In alkaline solution, the major leachant is mainly Sodium Sulfur (Na₂S), Sodium Hydroxide (NaOH) or mixture of them [6,7,12,13]. Leaching reaction of stibnite in Na₂S solution runs thus [12,14]:

$$S{b}_2{S}_{3_{(s)}}+3N{a}_2{S}_{(aq)}=2N{a}_{3}Sb{S}_{3_{(aq)}}\hspace{0.17em}\hspace{0.17em}\hspace{0.17em}\hspace{0.17em};\hspace{0.17em}\hspace{0.17em}\hspace{0.17em}\hspace{0.17em}\Delta {G^0}_{298}=-71.41\hspace{0.17em}kJ\hspace{0.17em}\hspace{0.17em}\hspace{0.17em}\hspace{0.17em}\hspace{0.17em}$$

(1)

NaOH in a mixed Na₂S and NaOH leaching solution acts to prevent hydrolysis of Na₂S [10,15]. The overall reaction of this phenomenon is descibed the following:

$$N{a}_2{S}_{(aq)}+2H_{2}O=H_{2}S+2NaO{H}_{(aq)}\hspace{0.17em}\hspace{0.17em}\hspace{0.17em}\hspace{0.17em}\hspace{0.17em}\hspace{0.17em}\hspace{0.17em}$$

(2)

Also, researches have been obviously illustrated that the other significant role of NaOH is to be a leaching agent assisting the leaching process of antimony by the following reaction [6,7,12,13]:

$$S{b}_2{S}_{3_{(s)}}+6NaO{H}_{(aq)}=N{a}_{3}Sb{S}_{3_{(aq)}}+\hspace{0.17em}N{a}_{3}Sb{O}_3+3H_{2}O\hspace{0.17em}\hspace{0.17em}\hspace{0.17em}\hspace{0.17em}\hspace{0.17em}\hspace{0.17em}\hspace{0.17em}\hspace{0.17em}\hspace{0.17em}\hspace{0.17em}\hspace{0.17em}\hspace{0.17em}\hspace{0.17em}$$

(3)

In addition to investigating the parameters affecting the efficiency of recovery, kinetic studies in these processes are of a great importance. There are some significant kinetic models studied in leaching environments, but among these models, shrinking core model has elaborated more logical results where a non-porous particle is assumed to react with a fluid, and products are isolated from the main core of the particle [11,12,13,16,17,18,19,20,21,22,23,24,25].
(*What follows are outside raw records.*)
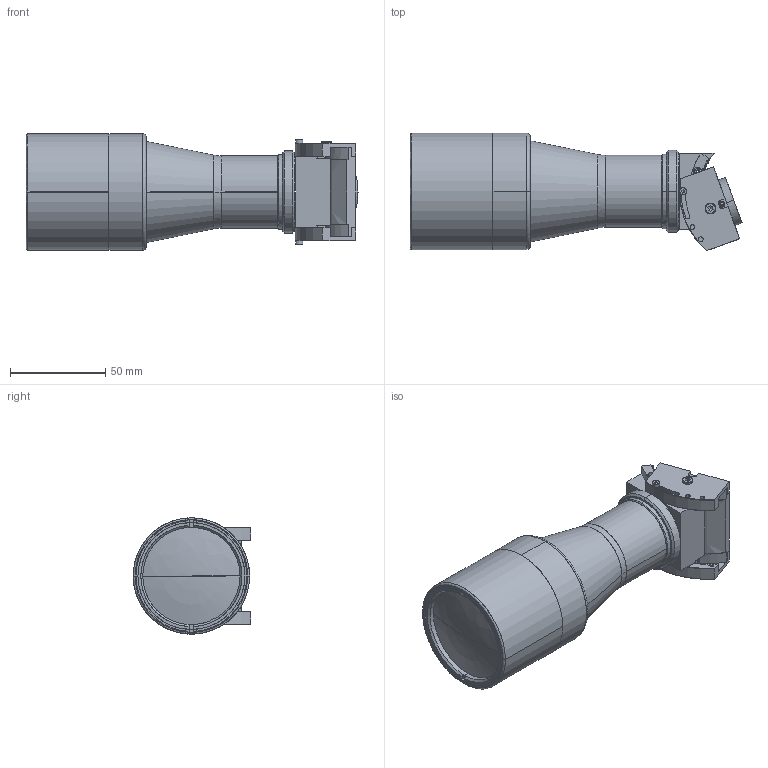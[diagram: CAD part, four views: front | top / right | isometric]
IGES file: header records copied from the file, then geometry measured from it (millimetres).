
Start section: SolidWorks IGES file using analytic representation for surfaces
Global section: file name: \\172.16.20.198\dati\R&D\01 archivio\DPXXXXX-X\DP50162-A_TCSM036.igs; native system: SolidWorks 2021; preprocessor: SolidWorks 2021; author: lrizzotto; date: 211203.103137; units: millimetre
Bounding box: 174.02 x 61.61 x 61 mm (x, y, z)
Surface area: 50954.8 mm2 (no closed solid volume)
Topology: 0 solids, 0 shells, 378 faces, 5343 edges, 5328 vertices
Faces by surface type: bspline 210, revolution 168

According to statistical analysis carried out on the factors that control the rate such as the mixer speed or concentration of reactant, it has been shown that diffusion of ions into the solution or liquid phase is the controlling mechanism of reaction rate. Moreover, in most ranges of pH, controlling mechanisms are simultaneously of the type of diffusion into ash layer and chemical reaction [1]. The activation energy also is one of the main parameters that affects the rate of reactions , and it could be possibly regarded as a determining method for kinetic controlling mechanism [16]. Awe et al. have investigated the mechanism of dissolution of tetrahydrate in sulfide alkaline environment and they suggested that the proposed dissolution mechanism of antimony is, in fact, chemical reaction with the obtained activation energy 81 kJ/mol [19].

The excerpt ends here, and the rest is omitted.